Thank you again for all of your help,
Jason
 Linda K. Muthen posted on Tuesday, April 08, 2008 - 9:39 am
I would report only the p-value for the reasons mentioned above.
 Matthew Diemer posted on Wednesday, January 21, 2009 - 7:41 am
I have a different wrinkle on testing temporal invariance that I was hoping for advice on.

We have two waves of panel data, where the same participants were surveyed at each wave but different indicators are available at Time 1 and Time 2.

So, I think it might be technically possible to assess whether temporal invariance holds, using only those indicators that are repeated at Time 1 and Time 2.

However, I'm not sure if this type of temporal invariance analysis tells you anything - does temporal invariance using a subset of indicators provide some evidence of temporal stability over time, but less evidence than the same set of indicators from the same participants at Time 1 and Time 2.

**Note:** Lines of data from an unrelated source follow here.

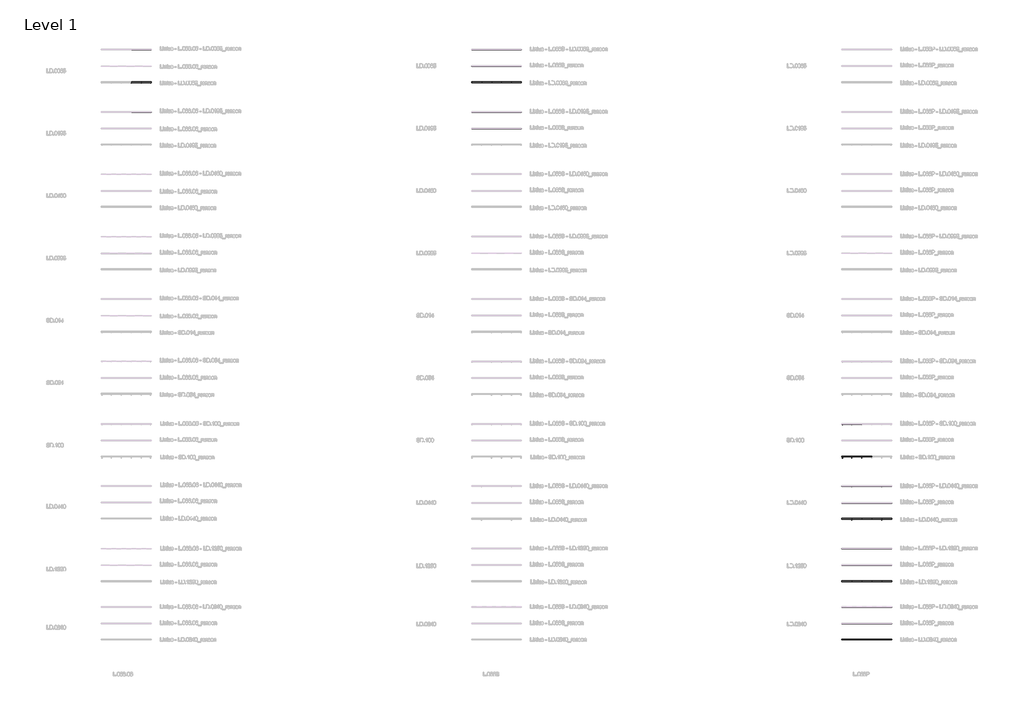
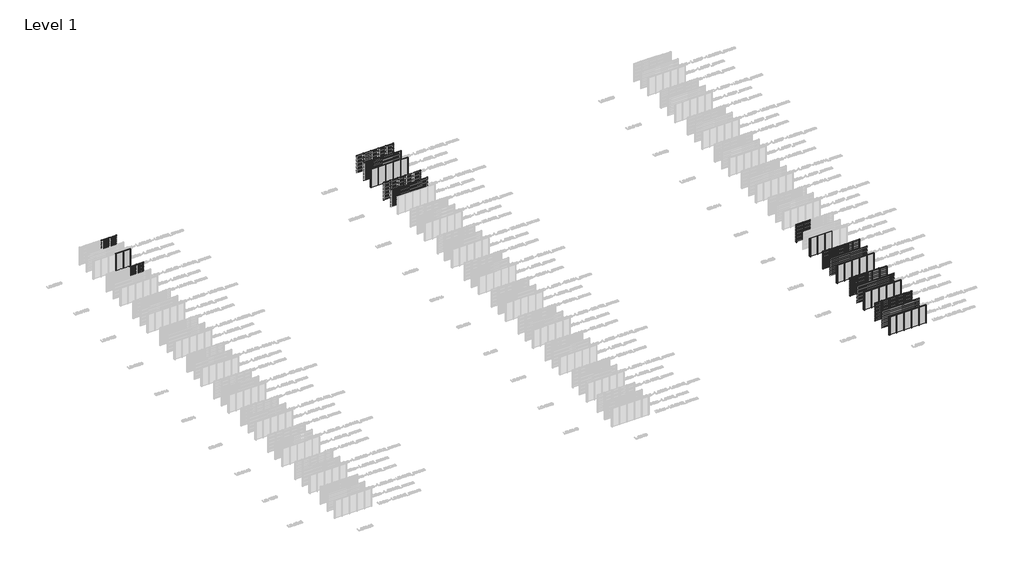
# One storey, part 6 of 540: 67 members, 61 plates.
"""IFC4 building model written with IfcOpenShell, lengths in millimetres."""

from ifc_helpers import new_model, si_unit, origin, origin_with_axes, place, context, project, spatial, polyline, outline, extrude, transform, mapped, element, save
from components import rectangular_mullion_42be434b, rectangular_mullion_e1f482b2, rectangular_mullion_8b77bd57, rectangular_mullion_2c867e25, rectangular_mullion_7803f5c4, rectangular_mullion_82152e2f, rectangular_mullion_ffdfeaf4, rectangular_mullion_e0a14876, rectangular_mullion_146f339b, rectangular_mullion_aa1047c5, rectangular_mullion_6132f1f1, rectangular_mullion_5b30f3fd, rectangular_mullion_5e0e8e0a, rectangular_mullion_d2d38772, rectangular_mullion_efb80f74, rectangular_mullion_aaa1fb1b, rectangular_mullion_ea9d012c, empty_system_panel_empty_aabbdda4

model = new_model("IFC4")

# Units and contexts
model_context = context("Model", 3, world=origin())
ifc_project = project(units=[si_unit("LENGTHUNIT", "METRE", prefix="MILLI")], contexts=[model_context])

# Site, building, storey
site = spatial("IfcSite", under=ifc_project)
building = spatial("IfcBuilding", under=site)
storey = spatial("IfcBuildingStorey", under=building, Name="Level 1", Elevation=0.0)

# Members
placement = place(None, origin())
rectangular_mullion_shape = rectangular_mullion_42be434b(model_context)
element("IfcMember", 1, ObjectType="Rectangular Mullion : LD.0065_renson", at=placement, inside=storey, context=model_context, shape_type="MappedRepresentation", body=[
    mapped(rectangular_mullion_shape, transform((49766.6208097, 73981.0540136, 0.0), x_axis=(-1.0, 0.0, 0.0), y_axis=(0.0, 1.0, 0.0), z_axis=(0.0, 0.0, -1.0))),
])
element("IfcMember", 2, ObjectType="Rectangular Mullion : LD.0065_renson", at=placement, inside=storey, context=model_context, shape_type="MappedRepresentation", body=[
    mapped(rectangular_mullion_shape, transform((48566.6208097, 73981.0540136, 0.0), x_axis=(-1.0, 0.0, 0.0), y_axis=(0.0, 1.0, 0.0), z_axis=(0.0, 0.0, -1.0))),
])
element("IfcMember", 3, ObjectType="Rectangular Mullion : LD.0065_renson", at=placement, inside=storey, context=model_context, shape_type="MappedRepresentation", body=[
    mapped(rectangular_mullion_shape, transform((49766.6208097, 69981.0540136, 0.0), x_axis=(-1.0, 0.0, 0.0), y_axis=(0.0, 1.0, 0.0), z_axis=(0.0, 0.0, -1.0))),
])
element("IfcMember", 4, ObjectType="Rectangular Mullion : LD.0065_renson", at=placement, inside=storey, context=model_context, shape_type="MappedRepresentation", body=[
    mapped(rectangular_mullion_shape, transform((48566.6208097, 69981.0540136, 0.0), x_axis=(-1.0, 0.0, 0.0), y_axis=(0.0, 1.0, 0.0), z_axis=(0.0, 0.0, -1.0))),
])
element("IfcMember", 5, ObjectType="Rectangular Mullion : LD.0065_renson", at=placement, inside=storey, context=model_context, shape_type="MappedRepresentation", body=[
    mapped(rectangular_mullion_shape, transform((93066.6208096, 73983.0540136, 0.0), x_axis=(-1.0, 0.0, 0.0), y_axis=(0.0, 1.0, 0.0), z_axis=(0.0, 0.0, -1.0))),
])
element("IfcMember", 6, ObjectType="Rectangular Mullion : LD.0065_renson", at=placement, inside=storey, context=model_context, shape_type="MappedRepresentation", body=[
    mapped(rectangular_mullion_shape, transform((91866.6208097, 73983.0540136, 0.0), x_axis=(-1.0, 0.0, 0.0), y_axis=(0.0, 1.0, 0.0), z_axis=(0.0, 0.0, -1.0))),
])
element("IfcMember", 7, ObjectType="Rectangular Mullion : LD.0065_renson", at=placement, inside=storey, context=model_context, shape_type="MappedRepresentation", body=[
    mapped(rectangular_mullion_shape, transform((90666.6208099, 73983.0540136, 0.0), x_axis=(-1.0, 0.0, 0.0), y_axis=(0.0, 1.0, 0.0), z_axis=(0.0, 0.0, -1.0))),
])
element("IfcMember", 8, ObjectType="Rectangular Mullion : LD.0065_renson", at=placement, inside=storey, context=model_context, shape_type="MappedRepresentation", body=[
    mapped(rectangular_mullion_shape, transform((94266.6208095, 69983.0540136, 0.0), x_axis=(-1.0, 0.0, 0.0), y_axis=(0.0, 1.0, 0.0), z_axis=(0.0, 0.0, -1.0))),
])
element("IfcMember", 9, ObjectType="Rectangular Mullion : LD.0065_renson", at=placement, inside=storey, context=model_context, shape_type="MappedRepresentation", body=[
    mapped(rectangular_mullion_shape, transform((93066.6208096, 69983.0540136, 0.0), x_axis=(-1.0, 0.0, 0.0), y_axis=(0.0, 1.0, 0.0), z_axis=(0.0, 0.0, -1.0))),
])
element("IfcMember", 10, ObjectType="Rectangular Mullion : LD.0065_renson", at=placement, inside=storey, context=model_context, shape_type="MappedRepresentation", body=[
    mapped(rectangular_mullion_shape, transform((91866.6208097, 69983.0540136, 0.0), x_axis=(-1.0, 0.0, 0.0), y_axis=(0.0, 1.0, 0.0), z_axis=(0.0, 0.0, -1.0))),
])
element("IfcMember", 11, ObjectType="Rectangular Mullion : LD.0065_renson", at=placement, inside=storey, context=model_context, shape_type="MappedRepresentation", body=[
    mapped(rectangular_mullion_shape, transform((90666.6208099, 69983.0540136, 0.0), x_axis=(-1.0, 0.0, 0.0), y_axis=(0.0, 1.0, 0.0), z_axis=(0.0, 0.0, -1.0))),
])
element("IfcMember", 12, ObjectType="Rectangular Mullion : LD.0065_renson", at=placement, inside=storey, context=model_context, shape_type="MappedRepresentation", body=[
    mapped(rectangular_mullion_shape, transform((94266.6208095, 73983.0540136, 0.0), x_axis=(-1.0, 0.0, 0.0), y_axis=(0.0, 1.0, 0.0), z_axis=(0.0, 0.0, -1.0))),
])
rectangular_mullion_2_shape = rectangular_mullion_e1f482b2(model_context)
element("IfcMember", 13, ObjectType="Rectangular Mullion : LD.0195_renson", at=placement, inside=storey, context=model_context, shape_type="MappedRepresentation", body=[
    mapped(rectangular_mullion_2_shape, transform((49766.6208097, 66481.0540136, 0.0), x_axis=(-1.0, 0.0, 0.0), y_axis=(0.0, 1.0, 0.0), z_axis=(0.0, 0.0, -1.0))),
])
element("IfcMember", 14, ObjectType="Rectangular Mullion : LD.0195_renson", at=placement, inside=storey, context=model_context, shape_type="MappedRepresentation", body=[
    mapped(rectangular_mullion_2_shape, transform((93066.6208096, 66483.0540136, 0.0), x_axis=(-1.0, 0.0, 0.0), y_axis=(0.0, 1.0, 0.0), z_axis=(0.0, 0.0, -1.0))),
])
element("IfcMember", 15, ObjectType="Rectangular Mullion : LD.0195_renson", at=placement, inside=storey, context=model_context, shape_type="MappedRepresentation", body=[
    mapped(rectangular_mullion_2_shape, transform((91866.6208097, 66483.0540136, 0.0), x_axis=(-1.0, 0.0, 0.0), y_axis=(0.0, 1.0, 0.0), z_axis=(0.0, 0.0, -1.0))),
])
element("IfcMember", 16, ObjectType="Rectangular Mullion : LD.0195_renson", at=placement, inside=storey, context=model_context, shape_type="MappedRepresentation", body=[
    mapped(rectangular_mullion_2_shape, transform((90666.6208099, 66483.0540136, 0.0), x_axis=(-1.0, 0.0, 0.0), y_axis=(0.0, 1.0, 0.0), z_axis=(0.0, 0.0, -1.0))),
])
element("IfcMember", 17, ObjectType="Rectangular Mullion : LD.0195_renson", at=placement, inside=storey, context=model_context, shape_type="MappedRepresentation", body=[
    mapped(rectangular_mullion_2_shape, transform((94266.6208095, 66483.0540136, 0.0), x_axis=(-1.0, 0.0, 0.0), y_axis=(0.0, 1.0, 0.0), z_axis=(0.0, 0.0, -1.0))),
])
rectangular_mullion_3_shape = rectangular_mullion_8b77bd57(model_context)
element("IfcMember", 18, ObjectType="Rectangular Mullion : SD.100_renson", at=placement, inside=storey, context=model_context, shape_type="MappedRepresentation", body=[
    mapped(rectangular_mullion_3_shape, transform((135166.6208099, 28983.0540136, 0.0), x_axis=(-1.0, 0.0, 0.0), y_axis=(0.0, 1.0, 0.0), z_axis=(0.0, 0.0, -1.0))),
])
element("IfcMember", 19, ObjectType="Rectangular Mullion : SD.100_renson", at=placement, inside=storey, context=model_context, shape_type="MappedRepresentation", body=[
    mapped(rectangular_mullion_3_shape, transform((136366.6208097, 24983.0540136, 0.0), x_axis=(-1.0, 0.0, 0.0), y_axis=(0.0, 1.0, 0.0), z_axis=(0.0, 0.0, -1.0))),
])
element("IfcMember", 20, ObjectType="Rectangular Mullion : SD.100_renson", at=placement, inside=storey, context=model_context, shape_type="MappedRepresentation", body=[
    mapped(rectangular_mullion_3_shape, transform((135166.6208099, 24983.0540136, 0.0), x_axis=(-1.0, 0.0, 0.0), y_axis=(0.0, 1.0, 0.0), z_axis=(0.0, 0.0, -1.0))),
])
rectangular_mullion_4_shape = rectangular_mullion_2c867e25(model_context)
element("IfcMember", 21, ObjectType="Rectangular Mullion : LD.0440_renson", at=placement, inside=storey, context=model_context, shape_type="MappedRepresentation", body=[
    mapped(rectangular_mullion_4_shape, transform((138766.6208095, 21483.0540136, 0.0), x_axis=(-1.0, 0.0, 0.0), y_axis=(0.0, 1.0, 0.0), z_axis=(0.0, 0.0, -1.0))),
])
element("IfcMember", 22, ObjectType="Rectangular Mullion : LD.0440_renson", at=placement, inside=storey, context=model_context, shape_type="MappedRepresentation", body=[
    mapped(rectangular_mullion_4_shape, transform((137566.6208096, 21483.0540136, 0.0), x_axis=(-1.0, 0.0, 0.0), y_axis=(0.0, 1.0, 0.0), z_axis=(0.0, 0.0, -1.0))),
])
element("IfcMember", 23, ObjectType="Rectangular Mullion : LD.0440_renson", at=placement, inside=storey, context=model_context, shape_type="MappedRepresentation", body=[
    mapped(rectangular_mullion_4_shape, transform((136366.6208097, 21483.0540136, 0.0), x_axis=(-1.0, 0.0, 0.0), y_axis=(0.0, 1.0, 0.0), z_axis=(0.0, 0.0, -1.0))),
])
element("IfcMember", 24, ObjectType="Rectangular Mullion : LD.0440_renson", at=placement, inside=storey, context=model_context, shape_type="MappedRepresentation", body=[
    mapped(rectangular_mullion_4_shape, transform((135166.6208099, 21483.0540136, 0.0), x_axis=(-1.0, 0.0, 0.0), y_axis=(0.0, 1.0, 0.0), z_axis=(0.0, 0.0, -1.0))),
])
element("IfcMember", 25, ObjectType="Rectangular Mullion : LD.0440_renson", at=placement, inside=storey, context=model_context, shape_type="MappedRepresentation", body=[
    mapped(rectangular_mullion_4_shape, transform((138766.6208095, 17483.0540136, 0.0), x_axis=(-1.0, 0.0, 0.0), y_axis=(0.0, 1.0, 0.0), z_axis=(0.0, 0.0, -1.0))),
])
element("IfcMember", 26, ObjectType="Rectangular Mullion : LD.0440_renson", at=placement, inside=storey, context=model_context, shape_type="MappedRepresentation", body=[
    mapped(rectangular_mullion_4_shape, transform((137566.6208096, 17483.0540136, 0.0), x_axis=(-1.0, 0.0, 0.0), y_axis=(0.0, 1.0, 0.0), z_axis=(0.0, 0.0, -1.0))),
])
element("IfcMember", 27, ObjectType="Rectangular Mullion : LD.0440_renson", at=placement, inside=storey, context=model_context, shape_type="MappedRepresentation", body=[
    mapped(rectangular_mullion_4_shape, transform((136366.6208097, 17483.0540136, 0.0), x_axis=(-1.0, 0.0, 0.0), y_axis=(0.0, 1.0, 0.0), z_axis=(0.0, 0.0, -1.0))),
])
element("IfcMember", 28, ObjectType="Rectangular Mullion : LD.0440_renson", at=placement, inside=storey, context=model_context, shape_type="MappedRepresentation", body=[
    mapped(rectangular_mullion_4_shape, transform((135166.6208099, 17483.0540136, 0.0), x_axis=(-1.0, 0.0, 0.0), y_axis=(0.0, 1.0, 0.0), z_axis=(0.0, 0.0, -1.0))),
])
rectangular_mullion_5_shape = rectangular_mullion_7803f5c4(model_context)
element("IfcMember", 29, ObjectType="Rectangular Mullion : LD.1250_renson", at=placement, inside=storey, context=model_context, shape_type="MappedRepresentation", body=[
    mapped(rectangular_mullion_5_shape, transform((138766.6208095, 13983.0540136, 0.0), x_axis=(-1.0, 0.0, 0.0), y_axis=(0.0, 1.0, 0.0), z_axis=(0.0, 0.0, -1.0))),
])
element("IfcMember", 30, ObjectType="Rectangular Mullion : LD.1250_renson", at=placement, inside=storey, context=model_context, shape_type="MappedRepresentation", body=[
    mapped(rectangular_mullion_5_shape, transform((137566.6208096, 13983.0540136, 0.0), x_axis=(-1.0, 0.0, 0.0), y_axis=(0.0, 1.0, 0.0), z_axis=(0.0, 0.0, -1.0))),
])
element("IfcMember", 31, ObjectType="Rectangular Mullion : LD.1250_renson", at=placement, inside=storey, context=model_context, shape_type="MappedRepresentation", body=[
    mapped(rectangular_mullion_5_shape, transform((136366.6208097, 13983.0540136, 0.0), x_axis=(-1.0, 0.0, 0.0), y_axis=(0.0, 1.0, 0.0), z_axis=(0.0, 0.0, -1.0))),
])
element("IfcMember", 32, ObjectType="Rectangular Mullion : LD.1250_renson", at=placement, inside=storey, context=model_context, shape_type="MappedRepresentation", body=[
    mapped(rectangular_mullion_5_shape, transform((135166.6208099, 13983.0540136, 0.0), x_axis=(-1.0, 0.0, 0.0), y_axis=(0.0, 1.0, 0.0), z_axis=(0.0, 0.0, -1.0))),
])
element("IfcMember", 33, ObjectType="Rectangular Mullion : LD.1250_renson", at=placement, inside=storey, context=model_context, shape_type="MappedRepresentation", body=[
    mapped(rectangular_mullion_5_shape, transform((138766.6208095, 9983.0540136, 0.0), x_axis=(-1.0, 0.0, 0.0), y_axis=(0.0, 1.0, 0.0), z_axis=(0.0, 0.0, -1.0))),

Or, is it simply not appropriate to assess temporal invariance for only a subset of indicators?

Thanks!

-Matt
 Linda K. Muthen posted on Wednesday, January 21, 2009 - 9:18 am
This type of invariance is used a lot by the testing companies like ETS where the majority of items are repeated over time. I think the believability is related to how many items are repeated.
 Matthew Diemer posted on Tuesday, February 03, 2009 - 1:44 pm
Thanks, Linda. I will look at what ETS and others have done for examples.

I'm not sure on this point - will we need to restructure the dataset for analyses of temporal invariance?

We already have the data in the more common wide format, but are unsure if they need to be restructured to long format (as in LGM).

Thanks!

Matt
 Linda K. Muthen posted on Tuesday, February 03, 2009 - 2:54 pm
I would leave the data in the wide format. See the Topic 4 short course handout on the website. Multiple indicator growth is described starting on Slide 77. The first part of the example illustrates testing measurement invariance across time.